Remedy’s newly announced Control Resonant shifts the action to a collapsing Manhattan, puts Dylan Faden in the spotlight, and pushes the Remedy Connected Universe forward after Alan Wake 2.
Remedy has finally lifted the veil on Control Resonant, a full-scale sequel to 2019’s Control and the clearest statement yet of its ambitions for the Remedy Connected Universe after Alan Wake 2. The reveal trailer and early previews sketch a game that is at once intimately tied to the Federal Bureau of Control and radically removed from the Oldest House, trading brutalist corridors for a twisted New York where the city itself is an Object of Power waiting to happen.

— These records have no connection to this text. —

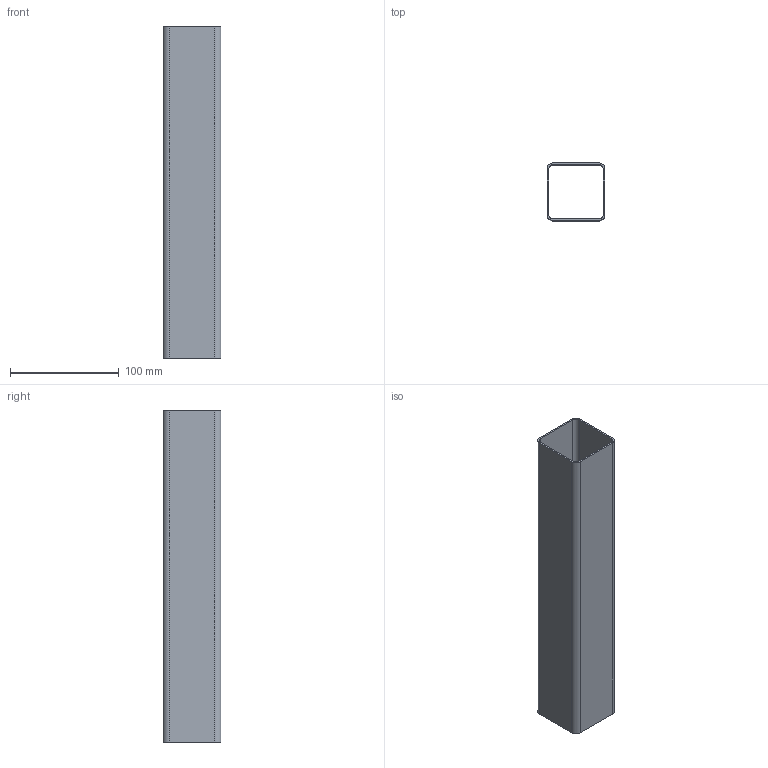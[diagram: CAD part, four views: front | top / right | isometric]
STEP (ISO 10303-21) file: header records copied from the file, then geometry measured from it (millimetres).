
FILE_DESCRIPTION (( 'STEP AP214' ), '1' );
FILE_NAME ('DRP-002-0001-02.STEP', '2011-12-07T21:16:24', ( 'Allred & Associates' ), ( 'Allred & Associates' ), 'SwSTEP 2.0', 'SolidWorks 2011', '' );
FILE_SCHEMA (( 'AUTOMOTIVE_DESIGN' ));
Length unit declared in the file: inch
Products named in the file (1): DRP-002-0001-02
Bounding box: 53.21 x 53.21 x 304.8 mm (x, y, z)
Volume: 95963.8 mm3; surface area: 121529 mm2
Topology: 1 solids, 1 shells, 18 faces, 48 edges, 32 vertices
Faces by surface type: plane 10, cylinder 8
Entity records: 612 total; most frequent: DIRECTION 102, CARTESIAN_POINT 99, ORIENTED_EDGE 96, EDGE_CURVE 48, AXIS2_PLACEMENT_3D 35, LINE 32, VECTOR 32, VERTEX_POINT 32
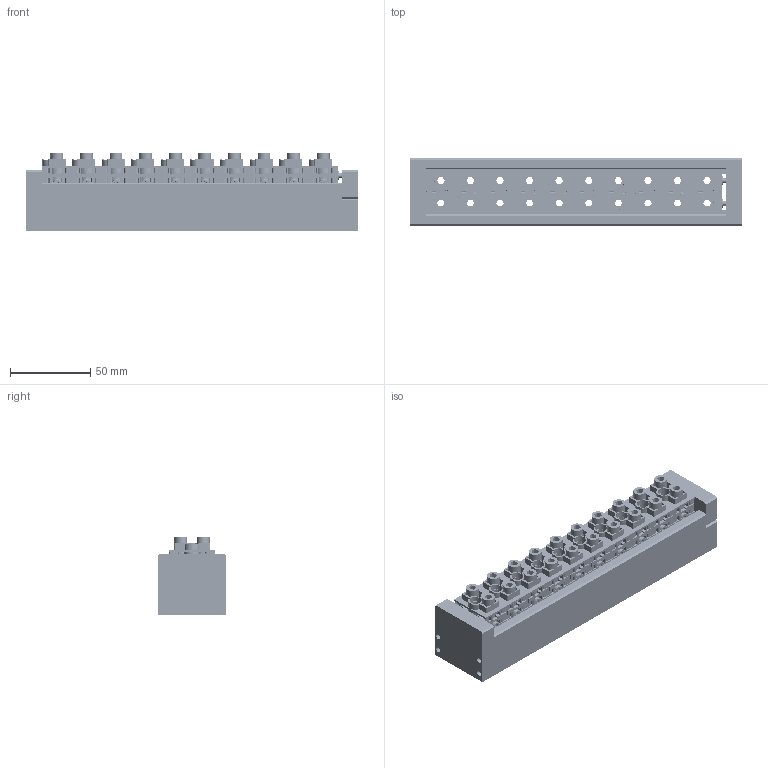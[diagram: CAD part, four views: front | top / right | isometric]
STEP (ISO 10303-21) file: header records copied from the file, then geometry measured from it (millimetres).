
FILE_DESCRIPTION(('CATIA V5 STEP Exchange'),'2;1');
FILE_NAME('C:\Users\hh\Desktop\AGZ102\装溢流端.stp','2023-09-23T05:41:49+00:00',('none'),('none'),'CATIA Version 5 Release 21 GA (IN-10)','CATIA V5 STEP AP214','none');
FILE_SCHEMA(('AUTOMOTIVE_DESIGN { 1 0 10303 214 1 1 1 1 }'));
Length unit declared in the file: millimetre
Products named in the file (8): Product1; 边条; 左挡板; 右挡边; 插挡; Product2; BPC0010200; Product3
Assembly tree (17 placements, depth 3):
  Product1
    边条  x2
    左挡板
    右挡边
    插挡
    Product2
      BPC0010200  x10
    Product3
Bounding box: 206.5 x 42 x 48.5 mm (x, y, z)
Volume: 185258.2 mm3; surface area: 119998.6 mm2
Topology: 15 solids, 55 shells, 6406 faces, 18386 edges, 12058 vertices
Faces by surface type: plane 3302, cylinder 1984, cone 390, bspline 220, torus 190, sphere 170, extrusion 150
Entity records: 24709 total; most frequent: CARTESIAN_POINT 7519, ORIENTED_EDGE 4024, DIRECTION 2649, EDGE_CURVE 2012, VERTEX_POINT 1334, VECTOR 1250, LINE 1235, AXIS2_PLACEMENT_3D 919
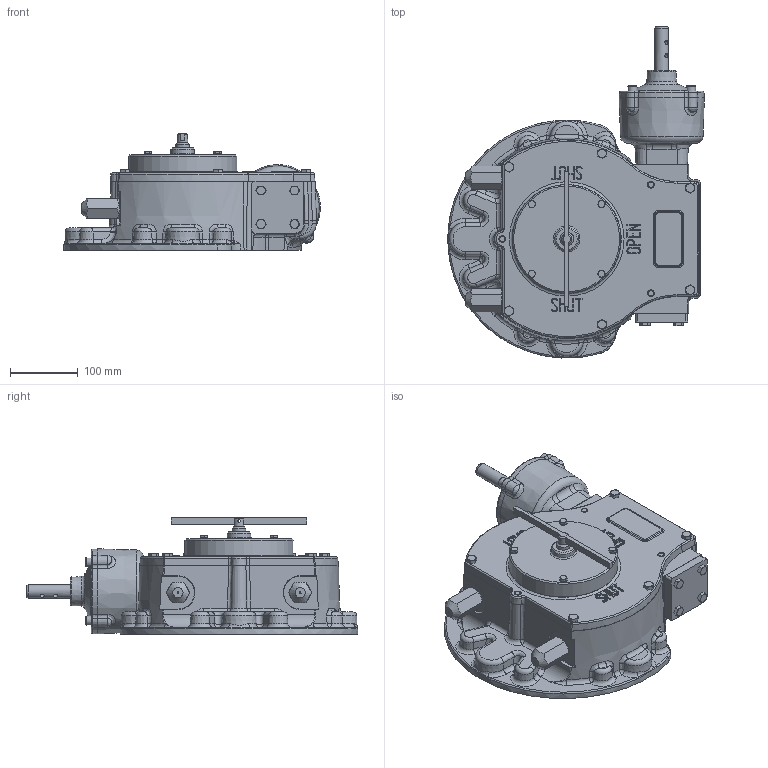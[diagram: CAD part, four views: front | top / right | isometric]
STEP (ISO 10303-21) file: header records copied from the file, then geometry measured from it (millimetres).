
FILE_DESCRIPTION( ( 'Unknown' ), '1' );
FILE_NAME( 'M:/Current Drawings/Internet datasheets/4 - STEP/AB3000CS-PR4 LB LH.stp', 'Unknown', ( 'Unknown' ), ( 'Unknown' ), 'PSStep 15.0.49', 'Unknown', ' ' );
FILE_SCHEMA( ( 'AUTOMOTIVE_DESIGN { 1 0 10303 214 1 1 1 1 }' ) );
Length unit declared in the file: millimetre
Products named in the file (1): 600PAP2528300
Bounding box: 378.03 x 489.05 x 172 mm (x, y, z)
Volume: 7041628.2 mm3; surface area: 868073.1 mm2
Topology: 1 solids, 56 shells, 2534 faces, 6454 edges, 3990 vertices
Faces by surface type: plane 728, cylinder 673, cone 485, bspline 290, torus 236, sphere 96, extrusion 26
Full cylindrical faces by diameter (mm): 4 x1, 4.917 x8, 6 x6, 6.647 x40, 7 x4, 8 x18, 8.376 x4, 8.5 x10, 9 x10, 10 x11, 13.27 x4, 14 x4, 15 x1, 17.294 x2, 19 x1, 20 x8, 20.5 x3, 23 x1, 25 x3, 25.2 x2, 26 x4, 28 x2, 29 x1, 30 x2, 35 x3, 38 x2, 47 x2, 102 x1, 104.555 x1, 110 x3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
Entity records: 137382 total; most frequent: CARTESIAN_POINT 61209, ORIENTED_EDGE 11708, DIRECTION 11186, EDGE_CURVE 5854, AXIS2_PLACEMENT_3D 4702, VERTEX_POINT 3844, EDGE_LOOP 2986, FACE_OUTER_BOUND 2757

In Resonant, players take control of Dylan Faden, Jesse’s brother and former FBC prisoner. Years after the events of Control and Alan Wake 2, Dylan walks out into a Manhattan that has already tipped over the edge of the paranatural. Buildings shear and reform midair, intersections fold into labyrinths, and the sky itself looks like a resonance experiment gone wrong. Remedy calls it a “paranatural action RPG,” but the pitch goes beyond the label: this is a story about a man whose mind was once a threat that needed to be contained, now thrown into a world where containment has completely failed.
What we know from the reveal is that Resonant is set roughly seven years after the first game. The Hiss, the Board, and the broader weird infrastructure of the FBC have not gone away, but Manhattan is being torn apart by a new cosmic presence that seems less like an invasion and more like a transcription error in reality. Dylan arrives with his powers unstable and his goals divided. He is searching for Jesse while also being pushed into the role of field agent, champion, or possibly sacrificial component in a ritual too big to fully understand.
Mechanically, Remedy is leaning into melee combat and progression in a way that sets Resonant apart from Control. The Service Weapon is gone, replaced by an evolving blade-like focus called the Aberrant. In motion it looks more like a living sigil than a piece of gear, shifting form as Dylan chains telekinetic strikes, dashes, and counters. Remedy describes the Aberrant as something that grows with Dylan, with a skill and upgrade system that lets players steer him toward specific styles, from hyper-aggressive crowd control to single-target boss shredding. Gunplay still exists, but the fantasy now centers on closing the distance, breaking an enemy’s stance, then tearing chunks out of the environment to finish the job.
Just as important is the setting. The Oldest House was a single contained mystery that rewrote itself behind closed doors. Resonant’s Manhattan feels like the moment those doors never closed at all. Streets stretch into impossible perspectives, skyscrapers peel back to reveal FBC-style maintenance guts, and pockets of reality fracture into alternate spaces that look like a cross between the Astral Plane and a memory palace built from Dylan’s trauma. Remedy has talked about segments of the city connecting to a more psychological layer, a mindscape where Dylan’s conflicted history with the Bureau, the Hiss, and Jesse herself becomes literal architecture.
This shift dovetails with where the Remedy Connected Universe stands post Alan Wake 2. That game made it explicit that the Bureau, the Dark Place, Cauldron Lake, and even prior Remedy works are entangled through overlapping layers of fiction and control. Resonant seems primed to be the next escalation point. If Control was about discovering the Bureau and Alan Wake 2 was about weaponizing narrative to reshape reality, Resonant is what happens when those forces leak into one of the most iconic cities on the planet.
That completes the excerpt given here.